Noch am Freitag hatte Amelie Mauresmo in der Gruppenphase mit 6:2, 4:6, 2:6 gegen Mary Pierce verloren, doch ihr 7:6, 6:3-Halbfinalerfolg über Vorjahressiegerin Maria Scharapowa (Russland) habe »ihr Siegergen aktiviert«. »Ich habe gespürt, dass meine Zeit reif ist«, erzählte Mauresmo nach dem 19. Turniersieg ihrer Karriere.
Die Abschiedsvorstellung der WM vom Turnierstandort Los Angeles hätte dramatischer kaum ausfallen können. 186 Minuten lang lieferten sich die beiden Freundinnen vor 5000 Zuschauern im Staples Center eine erstklassige Partie, nach dem Wimbledonfinale zwischen Venus Williams und Lindsay Davenport (beide USA) war es zweifellos das qualitativ hochwertigste Endspiel der Damentour in diesem Jahr. Pierce hatte wegen einer leichten Leistenverletzung Schmerztabletten geschluckt, aber unwohl fühlte sich zunächst nur Mauresmo, die den ersten Satz verlor.
Mit überraschender Lockerheit steckte sie diesen Rückschlag weg und wurde stärker. Von Versagensangst keine Spur. Sie erhöhte das Risiko und reduzierte die Fehler. Nach der 4:1-Führung im zweiten Durchgang bekam sie dann doch noch einen vorübergehenden Zitterhand-Anfall, rettete sich aber mit einem überragenden Tiebreak in Satz Nummer drei. Die Entscheidung fiel schließlich beim Stand von 4:4, als Pierce ihren Aufschlag verlor und im darauf folgenden Spiel bei Mauresmos Service drei Breakbälle ungenutzt ließ.

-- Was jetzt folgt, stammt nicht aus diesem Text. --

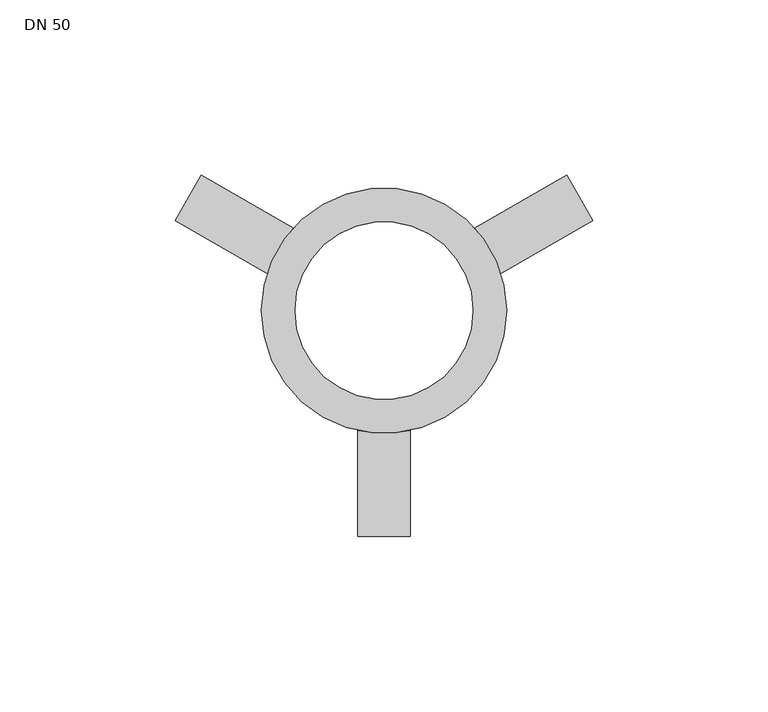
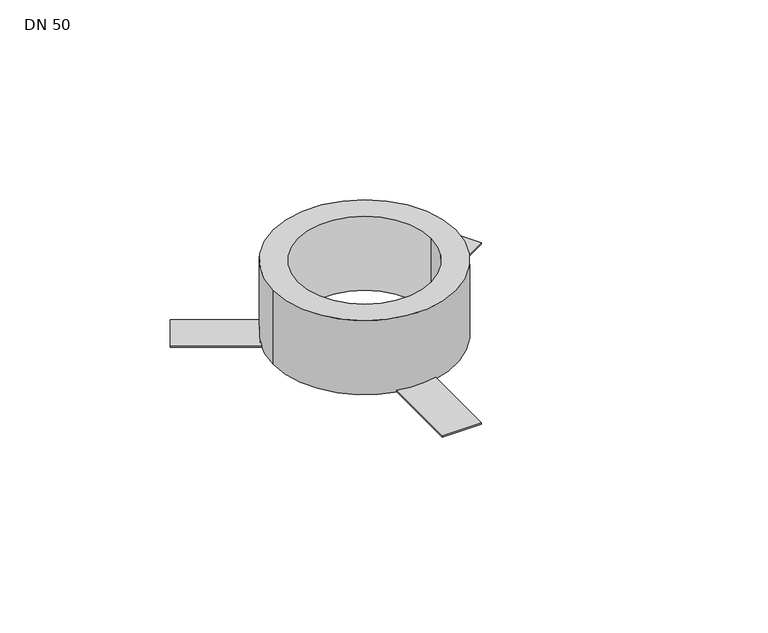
"""IFC4 building model written with IfcOpenShell, lengths in millimetres: proxy geometry, Wavin_SpecialtyEquipment_AsPlusFireCollarForCeilings : DN 50."""

from ifc_helpers import new_model, si_unit, point, origin, origin_with_axes, origin_2d, place, context, project, spatial, polyline, circle_curve, trimmed, segment, composite_curve, outline, extrude, source, transform, mapped, element, save


def dn_50_013501fe(model_context):
    return source(origin(), model_context, "Body", "SweptSolid", [
        extrude(outline(composite_curve([segment(polyline([(52.1086385, 38.7451905), (59.6086385, 25.7548095), (33.3567982, 10.5983024)]), True, "CONTINUOUS"), segment(trimmed(circle_curve(origin_2d(), 35.0), [point((33.3567982, 10.5983024))], [point((25.8567982, 23.5886834))], True, "CARTESIAN"), True, "CONTINUOUS"), segment(polyline([(25.8567982, 23.5886834), (52.1086385, 38.7451905)]), True, "CONTINUOUS")], self_intersect=False)), origin_with_axes(), (0.0, 0.0, 1.0), 0.6),
        extrude(outline(composite_curve([segment(polyline([(-59.6086385, 25.7548095), (-52.1086385, 38.7451905), (-25.8567982, 23.5886834)]), True, "CONTINUOUS"), segment(trimmed(circle_curve(origin_2d(), 35.0), [point((-25.8567982, 23.5886834))], [point((-33.3567982, 10.5983024))], True, "CARTESIAN"), True, "CONTINUOUS"), segment(polyline([(-33.3567982, 10.5983024), (-59.6086385, 25.7548095)]), True, "CONTINUOUS")], self_intersect=False)), origin_with_axes(), (0.0, 0.0, 1.0), 0.6),
        extrude(outline(composite_curve([segment(polyline([(7.5, -64.5), (-7.5, -64.5), (-7.5, -34.1869858)]), True, "CONTINUOUS"), segment(trimmed(circle_curve(origin_2d(), 35.0), [point((-7.5, -34.1869858))], [point((7.5, -34.1869858))], True, "CARTESIAN"), True, "CONTINUOUS"), segment(polyline([(7.5, -34.1869858), (7.5, -64.5)]), True, "CONTINUOUS")], self_intersect=False)), origin_with_axes(), (0.0, 0.0, 1.0), 0.6),
        extrude(outline(composite_curve([segment(trimmed(circle_curve(origin_2d(), 35.0), [point((-35.0, 0.0))], [point((35.0, 0.0))], False, "CARTESIAN"), True, "CONTINUOUS"), segment(trimmed(circle_curve(origin_2d(), 35.0), [point((35.0, 0.0))], [point((-35.0, 0.0))], False, "CARTESIAN"), True, "CONTINUOUS")], self_intersect=False), holes=[composite_curve([segment(trimmed(circle_curve(origin_2d(), 25.4), [point((-25.4, 0.0))], [point((25.4, 0.0))], True, "CARTESIAN"), True, "CONTINUOUS"), segment(trimmed(circle_curve(origin_2d(), 25.4), [point((25.4, 0.0))], [point((-25.4, 0.0))], True, "CARTESIAN"), True, "CONTINUOUS")], self_intersect=False)]), origin_with_axes(), (0.0, 0.0, 1.0), 30.0),
    ])


if __name__ == "__main__":
    model = new_model("IFC4")
    model_context = context("Model", 3, world=origin())
    ifc_project = project(units=[si_unit("LENGTHUNIT", "METRE", prefix="MILLI")], contexts=[model_context])
    site = spatial("IfcSite", under=ifc_project)
    building = spatial("IfcBuilding", under=site)
    placement = place(None, origin())
    dn_50_shape = dn_50_013501fe(model_context)
    element("IfcBuildingElementProxy", 1, Name="Wavin_SpecialtyEquipment_AsPlusFireCollarForCeilings : DN 50", ObjectType="Wavin_SpecialtyEquipment_AsPlusFireCollarForCeilings : DN 50", at=placement, inside=building, context=model_context, shape_type="MappedRepresentation", body=[
        mapped(dn_50_shape, transform((0.0, 0.0, 0.0), x_axis=(1.0, 0.0, 0.0), y_axis=(0.0, 1.0, 0.0), z_axis=(0.0, 0.0, 1.0))),
    ])
    save(model, "model.ifc")

»Hoffentlich werde ich keine Albträume haben«, meinte Pierce, die nach den Final-Niederlagen bei den French- und US-Open bereits das dritte Negativerlebnis in einem großen Endspiel in diesem Jahr durchmachen musste. »Ich habe gefühlt, wie sehr Amelie diesen Sieg wollte. Sie hat es verdient.«
Wie hatte Mauresmo gelitten nach der WM-Final-Niederlage gegen Kim Clijsters (Belgien) vor zwei Jahren oder der Endspiel-Pleite bei den Australian Open 1999. Oder nach dem Fedcup-Finale im September gegen Russland, als sie alleinverantwortlich für die Niederlage gemacht worden wurde. »Das war der absolute Tiefpunkt. Ich habe mir sehr, sehr viele Fragen gestellt. Heute habe ich die richtige Antwort gegeben«, offenbarte die erste französische Weltmeisterin.